На мгновение Полежаев забылся. Ему стало казаться, что он камер-пажом ведет эскадрон за собою, что сзади него нарядные солдаты с розовыми румяными лицами. Он оглянулся. Голодные лошади устало, вразброд, брели по грязи. Серые лица солдат хмуро глядели из-под фуражек блином, на которых сверкали блестящие кровавые звезды.
— Салютуйте! Салютуйте же! — хриплым голосом крикнул ему Голубь. Полежаев машинально деревянным движением поднял к подбородку и опустил шашку. Он повернул голову. На фоне темной зелени Летнего сада стояла группа всадников. Сзади нее были две броневые машины. Из этой группы выделялся один. Полежаев увидал большую рыжую каску, как колпак лежащую на голове, и под нею маленькое лицо с козлиной бородкой. Ему показалось, что он увидал демона, что каска прикрывает рога. Холодная дрожь пробежала по телу, и Полежаев прошептал про себя: «Господи, прости! Прости и помилуй!»
— Отлично! Товарищи! — послышалось из свиты, и сзади Полежаева красноармейцы ответили: «Служим народу и революции!»…
Полежаев проехал мимо Троцкого, и теперь видна стала кучка народа у берега канавы и по шоссе и деревья Летнего сада.
У выхода с Миллионной улицы на Дворцовую площадь батальон курсантов перегородил дорогу кавалерийскому полку, и Полежаев остановился. Курсанты шли с песнями. В одной роте звонкий тенор тихо заводил:
Наш могучий Импера-атор,Память вечная ему-у!..И хор дружно подхватывал:Сам ружьем солдатским правил,Сам и пушки заряжал…
Эта рота удалялась, и голоса ее хора заглушали и покрывали звуки торжественного интернационала, который не пела, а ревела вся следующая рота:
Никто не даст нам избавле-енья —Ни Бог, ни царь и не герой,Добьемся мы освобожде-еньяСвоею собственной рукой!.

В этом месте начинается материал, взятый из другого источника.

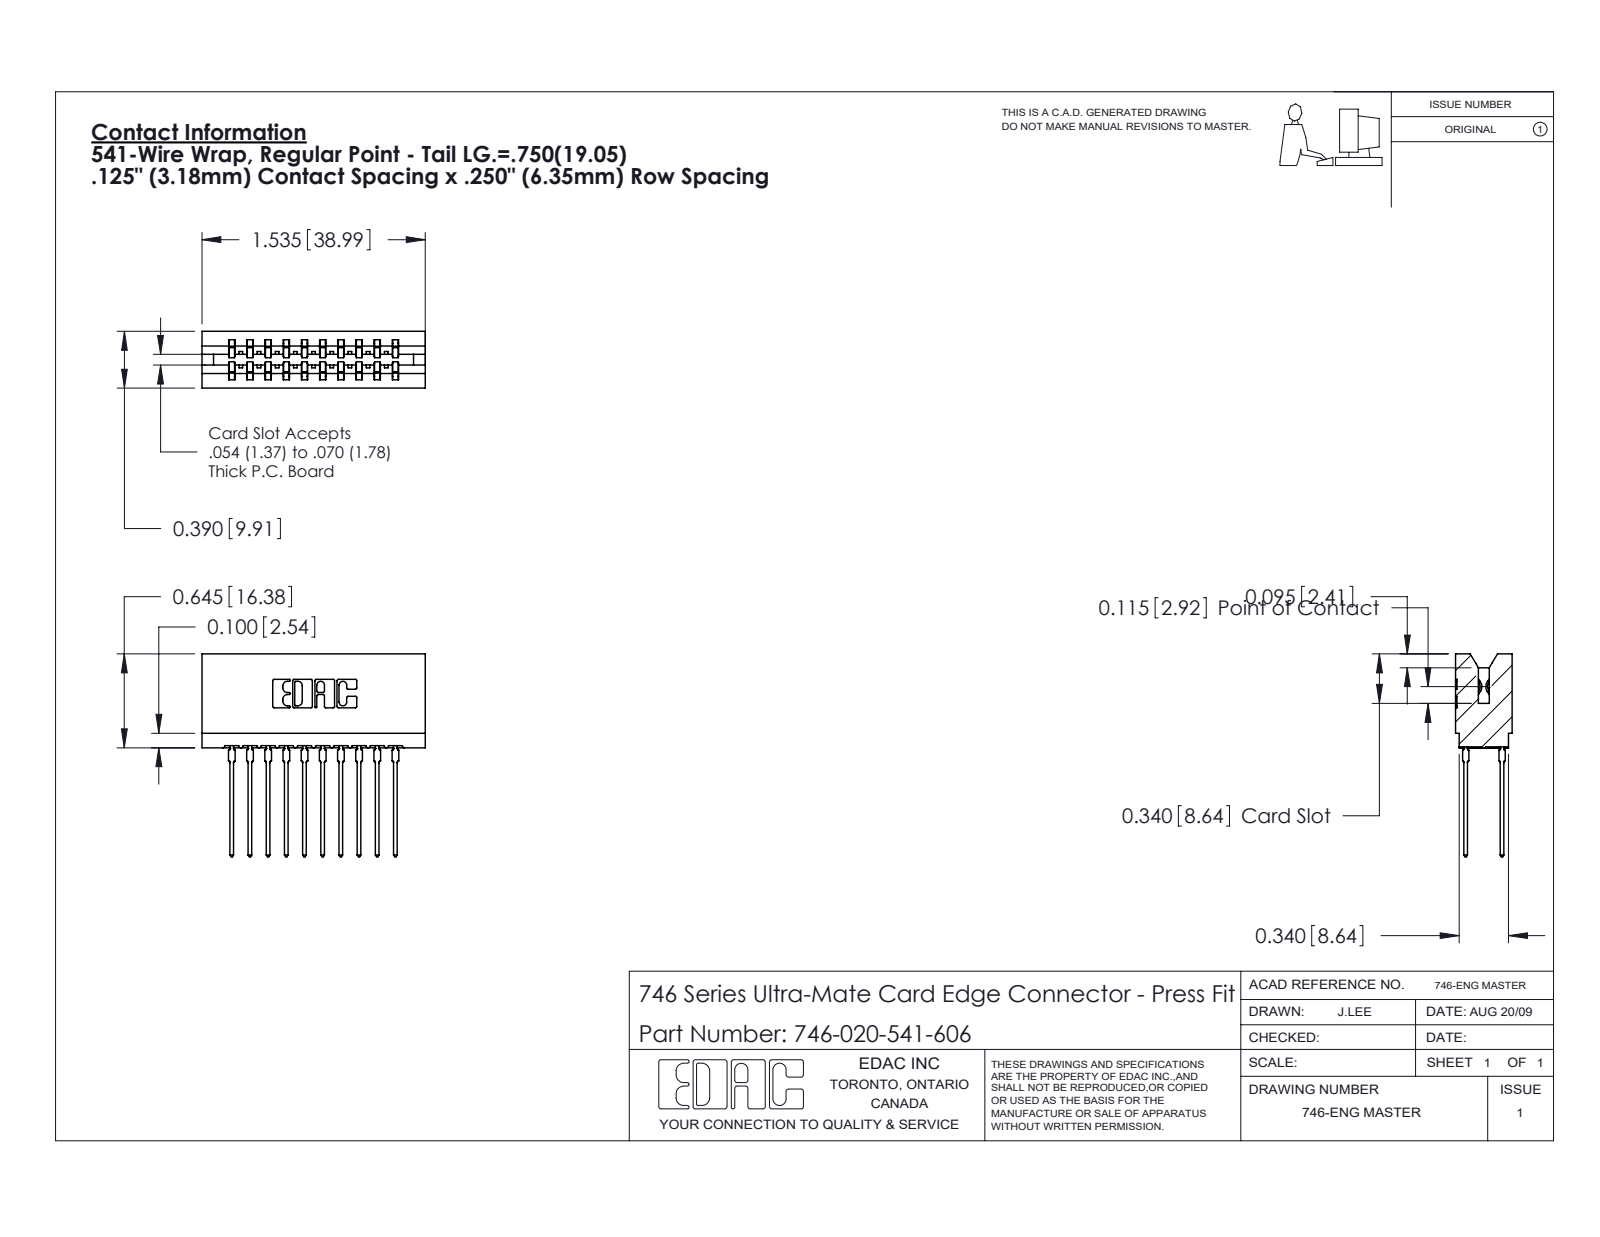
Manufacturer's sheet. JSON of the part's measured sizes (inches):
{"part_name": "746-020-541-606; 746 Part_.340 Slot Depth - 06; 746-292-001_541", "step_written_by": "SolidWorks 2020 (CONFIG_CONTROL_DESIGN)", "units": "inches", "bodies": {"solids": 21, "faces": 1888, "planar": 976, "cylindrical": 392, "other": 520}, "overall_size": [1.535, 1.394, 0.39], "volume_in3": 0.29, "surface_area_in2": 10.73, "partial_cylinders_radius": [[0.021, 40], [0.01, 22], [0.015, 11], [0.005, 8], [0.011, 8], [0.007, 6], [0.031, 6], [0.026, 3]], "face_to_face_distances": [0.25, 0.057, 0.333, 0.5, 0.042, 0.125, 0.083, 0.75, 0.125, 0.025]}

Эта рота прошла, а следующая дружно пела старинный, более двухсот лет существующий в России Петровский марш:
Русского Царя солдатыРады жертвовать собой,Не из денег, не из платы,Но за честь страны родной!..
«Какой сумбур, какой ералаш теперь в России, — подумал Полежаев. — Разберись, что происходит в умах этой молодежи».

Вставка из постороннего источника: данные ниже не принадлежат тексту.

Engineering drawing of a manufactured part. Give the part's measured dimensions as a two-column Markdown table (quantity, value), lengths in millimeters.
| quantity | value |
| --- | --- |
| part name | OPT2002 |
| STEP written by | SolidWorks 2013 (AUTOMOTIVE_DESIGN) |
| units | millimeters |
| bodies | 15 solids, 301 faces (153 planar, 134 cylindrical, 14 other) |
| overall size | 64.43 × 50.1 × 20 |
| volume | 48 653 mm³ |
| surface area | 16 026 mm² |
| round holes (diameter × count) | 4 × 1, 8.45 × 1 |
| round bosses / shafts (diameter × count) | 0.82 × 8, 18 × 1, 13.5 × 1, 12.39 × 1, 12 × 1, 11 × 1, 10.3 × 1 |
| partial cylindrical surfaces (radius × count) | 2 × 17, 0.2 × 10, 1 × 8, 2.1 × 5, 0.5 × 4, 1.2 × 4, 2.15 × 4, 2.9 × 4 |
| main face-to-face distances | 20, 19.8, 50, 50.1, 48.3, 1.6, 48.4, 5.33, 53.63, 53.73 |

Сзади певшей роты раздались свистки и громкие крики:
— Довольно! К черту!.. К… — непечатная ругань повисла над ротой.
— Пой похабную!.. Поха-абную! — кричал кто-то зычным, неистовым, властным голосом.

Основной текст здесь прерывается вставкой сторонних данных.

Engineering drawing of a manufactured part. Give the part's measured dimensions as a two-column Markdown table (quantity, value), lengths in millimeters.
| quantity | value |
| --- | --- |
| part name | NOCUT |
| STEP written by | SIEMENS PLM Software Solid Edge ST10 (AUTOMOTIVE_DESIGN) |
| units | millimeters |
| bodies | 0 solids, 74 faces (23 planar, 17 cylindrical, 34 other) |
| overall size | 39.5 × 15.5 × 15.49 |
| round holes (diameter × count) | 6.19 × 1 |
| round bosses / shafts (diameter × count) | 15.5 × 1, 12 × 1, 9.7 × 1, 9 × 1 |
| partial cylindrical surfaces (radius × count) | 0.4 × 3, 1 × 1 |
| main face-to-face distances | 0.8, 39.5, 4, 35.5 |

И хор грянул песню про то, как принимали сваху… Тоже не новую песню, а старую, созданную из циничных созвучий. Новых песен не было. Новые были только частушки, а под них нехорошо было ходить… Полк Полежаева тронулся вперед. Впереди первого эскадрона играл «оркестр товарища Буденного» — две гармошки. Кларнета не было. Кларнет полторы недели тому назад за контрреволюцию был «выведен в расход».
XIV
Был хмурый ноябрьский вечер. За окном бушевала непогода. Нева завывала под порывами западного ветра и гневно плескалась о каменные перила набережной. Дождь крупными каплями ударял в стекла. В печах звенели вьюшки. В холодной нетопленой гостиной квартиры Полежаева было сыро и темно. Электричества не отпускали, дрова надо было беречь до настоящей зимы.
Полежаев сидел за прекрасным роялем и играл на память, стараясь забыться. Он прочел в советских известиях о занятии красными войсками Крыма, о «бегстве» генерала Врангеля «с капиталистами, попами, помещиками и белогвардейцами». Известия были краткие, но ликующие. Газеты превозносили товарища Фрунзе, но Полежаев знал, что Фрунзе тут был не причем. Он знал…
Сам Бог был против них. Бог прогневался на русский народ и не хотел ни его спасения, ни избавления. Слова Рахматова сбывались. Граф де Мартелль был у Врангеля, и дьявольское колдовство совершилось. Пропала последняя надежда, и безцельными и ненужными казались шестимесячная мучительная работа в красной армии и шестимесячный ежечасный риск своею жизнью. Что толку в его разведке, в его знаниях, когда никого не осталось, кому можно бы передать эти знания. Полежаев знал, что все фонари на Севастопольской набережной были увешаны трупами офицеров и рабочих, которые не успели уехать. Он знал, что Крым был отдан красной армии, и он понимал все значение этих слов. Тоска за Олю, за Павлика, за Ермолова томила его. Отчего он не с ними? Живы ли они? Полгода он служит под красными знаменами, полгода странствует по советской республике и ни разу и нигде не наткнулся на следы Тани Саблиной. Верно, погибла. Хорошо, если просто умерла, а если…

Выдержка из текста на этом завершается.